What you should do
Quote exactly and only this range of lines in the data below: the line that holds "TECHNOLOGY CORPORATION, 2013050','');" to the line that holds "Bounding box: 18 x 142.5 x 18.1 mm (x, y, z)", both included.

[Start of Attachment]

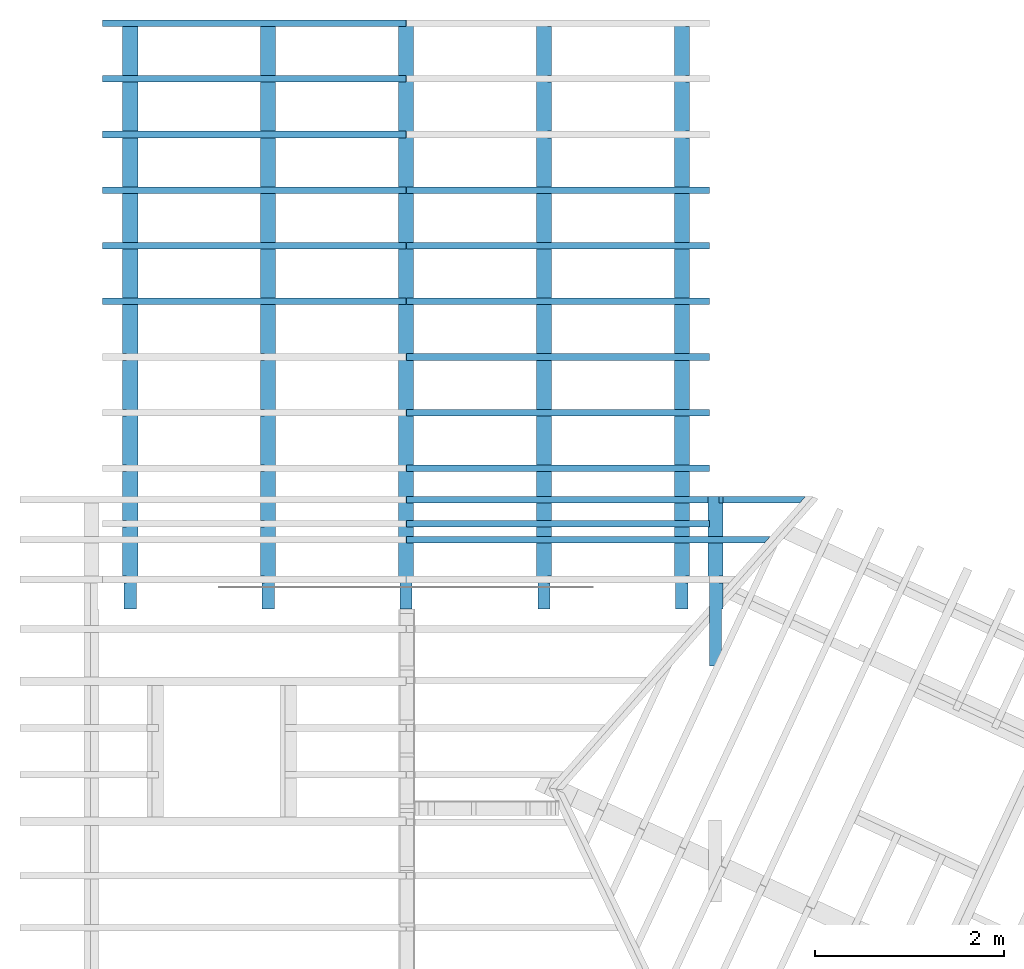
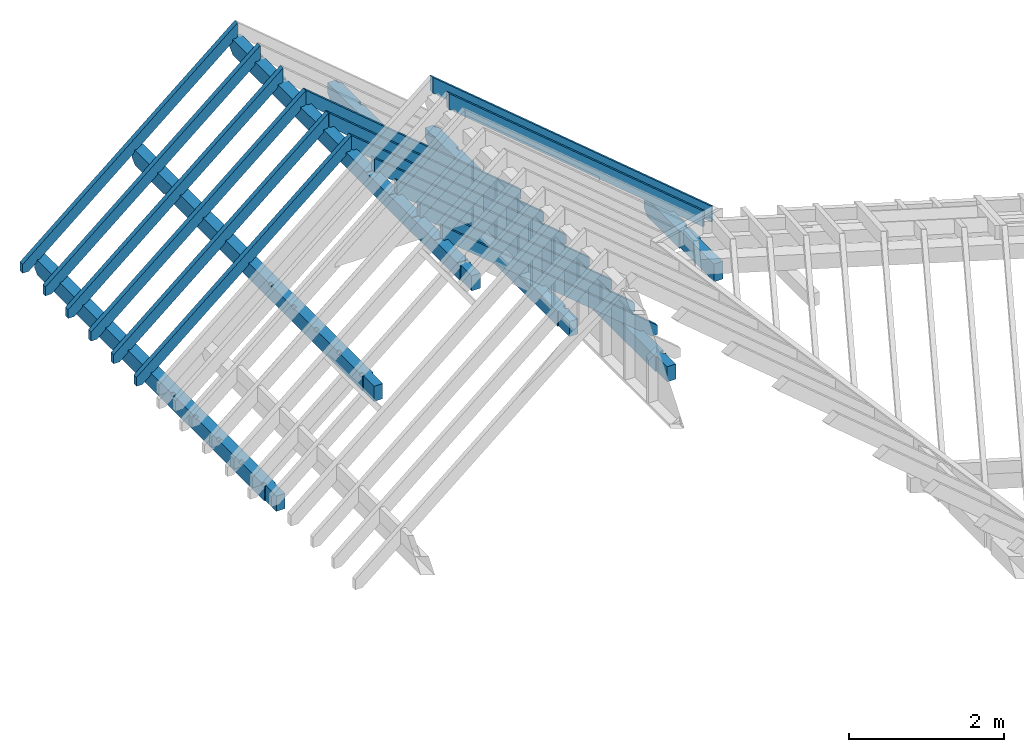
# One storey, part 6 of 11: 21 members.
"""IFC2X3 building model written with IfcOpenShell, lengths in metres."""

from ifc_helpers import new_model, si_unit, direction, frame, origin_with_axes, place, context, subcontext, project, spatial, faceted_brep, material, element, save


model = new_model("IFC2X3")

# Units and contexts
model_context = context("Model", 3, precision=1e-06, world=origin_with_axes(), true_north=direction((0.0, 1.0, 0.0)))
body_context = subcontext(model_context, "Body", "Model", "MODEL_VIEW")
ifc_project = project(units=[si_unit("LENGTHUNIT", "METRE"), si_unit("AREAUNIT", "SQUARE_METRE"), si_unit("VOLUMEUNIT", "CUBIC_METRE"), si_unit("PLANEANGLEUNIT", "RADIAN")], contexts=[model_context])

# Site, building, storey
site_placement = place(None, origin_with_axes())
site = spatial("IfcSite", under=ifc_project, at=site_placement, CompositionType="ELEMENT")
building_placement = place(site_placement, origin_with_axes())
building = spatial("IfcBuilding", under=site, at=building_placement, Name="Building 1", CompositionType="ELEMENT")
storey_placement = place(building_placement, origin_with_axes())
storey = spatial("IfcBuildingStorey", under=building, at=storey_placement, Name="Comble et couverture", CompositionType="ELEMENT", Elevation=0.0)

# Members
ifc_material = material(Name="NH II")
member_1_placement = place(storey_placement, frame((6.631, 7.076, 4.1310549), z_axis=(0.0, 0.0, 1.0), x_axis=(0.0, 1.0, 0.0)))
element("IfcMember", 1, at=member_1_placement, inside=storey, material=ifc_material, Name="Panne", context=body_context, shape_type="Brep", body=[
    faceted_brep([(0.6, -0.08, -0.14), (0.6, -0.065, -0.14), (0.0, -0.065, -0.14), (0.0, 0.065, -0.14), (0.878, 0.065, -0.14), (0.878, 0.08, -0.14), (1.6987918, 0.08, -0.14), (1.6987918, -0.08, -0.14), (0.6, -0.08, 0.14), (0.6, -0.065, 0.14), (0.0, -0.065, 0.14), (0.879, -0.08, 0.14), (0.879, -0.0378342, 0.14), (0.949, -0.0378342, 0.14), (0.949, -0.08, 0.14), (1.3005626, -0.08, 0.14), (1.3005626, -0.0378342, 0.14), (1.3705626, -0.0378342, 0.14), (1.3705626, -0.08, 0.14), (1.7221251, -0.08, 0.14), (1.7221251, -0.0378342, 0.14), (1.7921251, -0.0378342, 0.14), (1.7921251, 0.08, 0.14), (0.878, 0.08, 0.14), (0.878, 0.065, 0.14), (0.0, 0.065, 0.14), (1.7921251, -0.08, -0.0466667), (1.7921251, -0.08, 0.1046187), (1.7221251, -0.08, 0.1046187), (1.3705626, -0.08, 0.1046187), (1.3005626, -0.08, 0.1046187), (0.949, -0.08, 0.1046187), (0.879, -0.08, 0.1046187), (1.7921251, 0.08, -0.0466667)], [[[0, 1, 2, 3, 4, 5, 6, 7]], [[8, 9, 1, 0]], [[9, 10, 2, 1]], [[9, 8, 11, 12, 13, 14, 15, 16, 17, 18, 19, 20, 21, 22, 23, 24, 25, 10]], [[8, 0, 7, 26, 27, 28, 19, 18, 29, 30, 15, 14, 31, 32, 11]], [[4, 3, 25, 24]], [[2, 10, 25, 3]], [[5, 23, 22, 33, 6]], [[7, 6, 33, 26]], [[26, 33, 22, 21, 27]], [[28, 27, 21, 20]], [[19, 28, 20]], [[5, 4, 24, 23]], [[14, 13, 31]], [[12, 11, 32]], [[13, 12, 32, 31]], [[29, 18, 17]], [[15, 30, 16]], [[30, 29, 17, 16]]]),
])
member_2_placement = place(storey_placement, frame((4.814, 7.676, 3.515661), z_axis=(0.0, 0.0, 1.0), x_axis=(0.0, 1.0, 0.0)))
element("IfcMember", 2, at=member_2_placement, inside=storey, material=ifc_material, Name="Panne", context=body_context, shape_type="Brep", body=[
    faceted_brep([(5.2585, 0.08, -0.12), (5.2585, 0.08, -0.105), (5.2585, -0.08, -0.105), (5.2585, -0.08, -0.12), (5.4185, 0.08, -0.105), (5.4185, -0.08, -0.105), (5.4185, 0.08, -0.12), (5.4185, -0.08, -0.12), (0.278, 0.08, -0.12), (0.278, 0.08, 0.12), (6.2385, 0.08, 0.12), (6.2385, 0.08, -0.04), (6.1585, 0.08, -0.12), (0.278, -0.08, -0.12), (0.278, -0.065, -0.12), (0.0, -0.065, -0.12), (0.0, 0.065, -0.12), (0.278, 0.065, -0.12), (0.278, -0.065, 0.12), (0.0, -0.065, 0.12), (0.278, -0.08, 0.12), (0.0, 0.065, 0.12), (0.279, -0.08, 0.12), (0.279, -0.0382886, 0.12), (0.349, -0.0382886, 0.12), (0.349, -0.08, 0.12), (0.86795, -0.08, 0.12), (0.86795, -0.0382886, 0.12), (0.93795, -0.0382886, 0.12), (0.93795, -0.08, 0.12), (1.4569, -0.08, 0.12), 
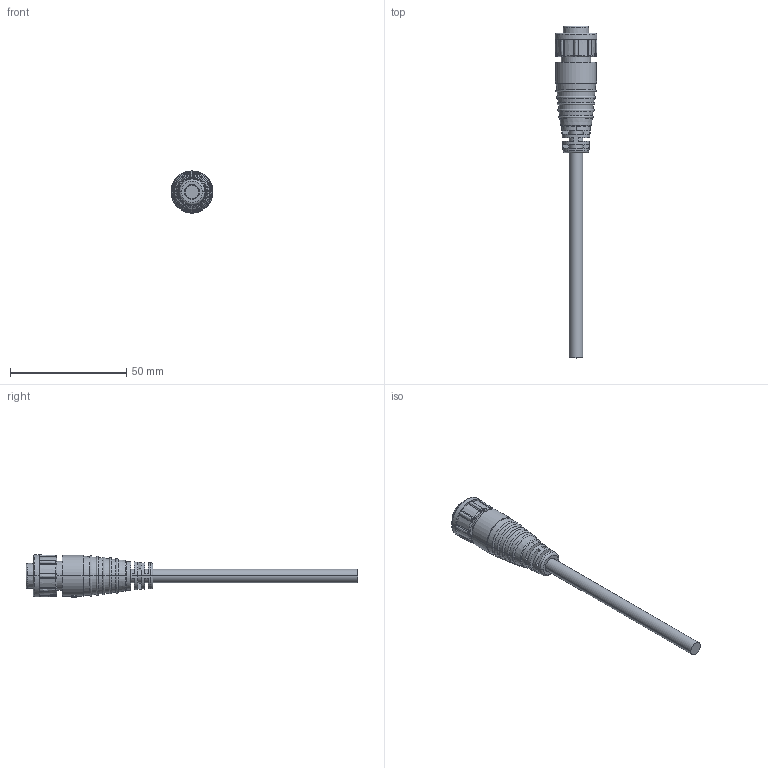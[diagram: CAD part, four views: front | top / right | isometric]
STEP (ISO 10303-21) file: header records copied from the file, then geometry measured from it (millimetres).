
FILE_DESCRIPTION((''),'2;1');
FILE_NAME('ABD-04AFFM-LL7AXX_SW0001','2017-07-20T',('LT0787'),(''),'PRO/ENGINEER BY PARAMETRIC TECHNOLOGY CORPORATION, 2013050','PRO/ENGINEER BY PARAMETRIC TECHNOLOGY CORPORATION, 2013050','');
FILE_SCHEMA(('CONFIG_CONTROL_DESIGN'));
Length unit declared in the file: millimetre
Products named in the file (1): ABD-04AFFM-LL7AXX_SW0001
Bounding box: 18 x 142.5 x 18.1 mm (x, y, z)
Volume: 11150 mm3; surface area: 7276.9 mm2
Topology: 1 solids, 1 shells, 727 faces, 1993 edges, 1254 vertices
Faces by surface type: plane 317, bspline 120, cylinder 114, cone 66, extrusion 56, torus 53, sphere 1
Entity records: 29946 total; most frequent: CARTESIAN_POINT 11543, ORIENTED_EDGE 3982, DIRECTION 3236, EDGE_CURVE 1991, VERTEX_POINT 1254, AXIS2_PLACEMENT_3D 1180, VECTOR 876, LINE 820
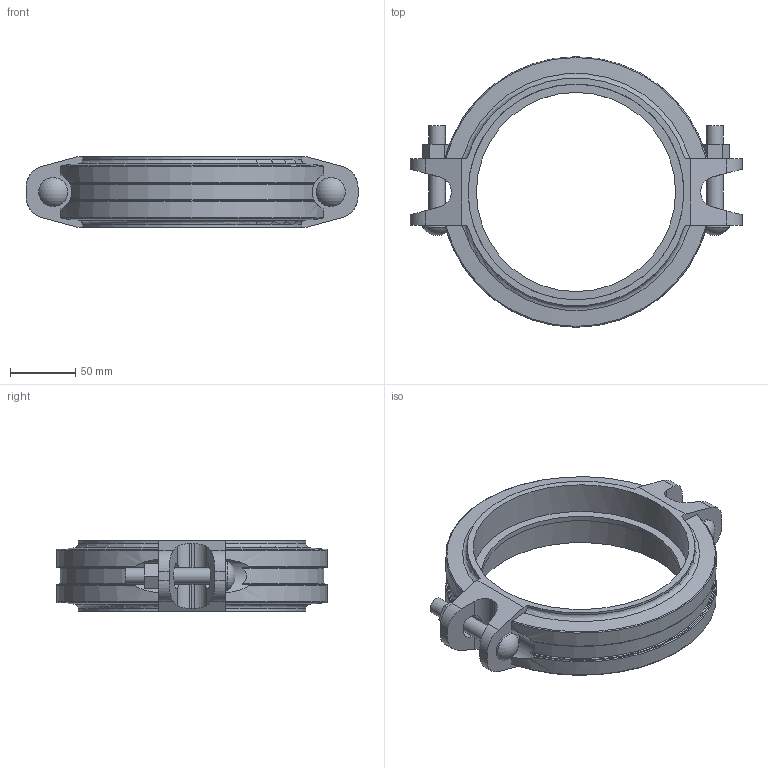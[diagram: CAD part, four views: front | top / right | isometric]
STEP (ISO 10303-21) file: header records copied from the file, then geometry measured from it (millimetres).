
FILE_DESCRIPTION(/* description */ ('VIC STYLE 005H FIRELOCK RIGID COUPLING','CAx-IF Rec.Pracs.---Representation and Presentation of Product Manufacturing Information (PMI)---4.0---2014-10-13'),/* implementation_level */ '2;1');
FILE_NAME(/* name */ 'C:\Users\Vjadhav\Desktop\CAD for Inventor\1\Coupling bolt thickness\005H\STEP\Victaulic_FP-FireLock_Coupling Rigid_Style 005H (OGS)\Victaulic_FP-FireLock_Coupling Rigid_Style 005H (OGS)_06.0 (165.1) (150).stp',/* time_stamp */ '2022-03-28T11:25:17+06:00',/* author */ ('jheald'),/* organization */ ('Victaulic'),/* preprocessor_version */ 'ST-DEVELOPER v17.2',/* originating_system */ 'Autodesk Inventor 2019',/* authorisation */ '');
FILE_SCHEMA (('AP242_MANAGED_MODEL_BASED_3D_ENGINEERING_MIM_LF { 1 0 10303 442 1 1 4 }'));
Length unit declared in the file: inch
Products named in the file (1): 005H-06.0 (165.1)
Bounding box: 254 x 207.01 x 54.1 mm (x, y, z)
Volume: 597257 mm3; surface area: 110031.3 mm2
Topology: 1 solids, 1 shells, 121 faces, 357 edges, 242 vertices
Faces by surface type: plane 56, cylinder 43, torus 16, cone 4, sphere 2
Full cylindrical faces by diameter (mm): 12.7 x4, 22.225 x2, 152.4 x1, 165.1 x2
Entity records: 4932 total; most frequent: CARTESIAN_POINT 1422, ORIENTED_EDGE 714, DIRECTION 685, EDGE_CURVE 357, AXIS2_PLACEMENT_3D 253, VERTEX_POINT 242, LINE 179, VECTOR 179

[End of Attachment]

Result of the task
FILE_NAME('ABD-04AFFM-LL7AXX_SW0001','2017-07-20T',('LT0787'),(''),'PRO/ENGINEER BY PARAMETRIC TECHNOLOGY CORPORATION, 2013050','PRO/ENGINEER BY PARAMETRIC TECHNOLOGY CORPORATION, 2013050','');
FILE_SCHEMA(('CONFIG_CONTROL_DESIGN'));
Length unit declared in the file: millimetre
Products named in the file (1): ABD-04AFFM-LL7AXX_SW0001
Bounding box: 18 x 142.5 x 18.1 mm (x, y, z)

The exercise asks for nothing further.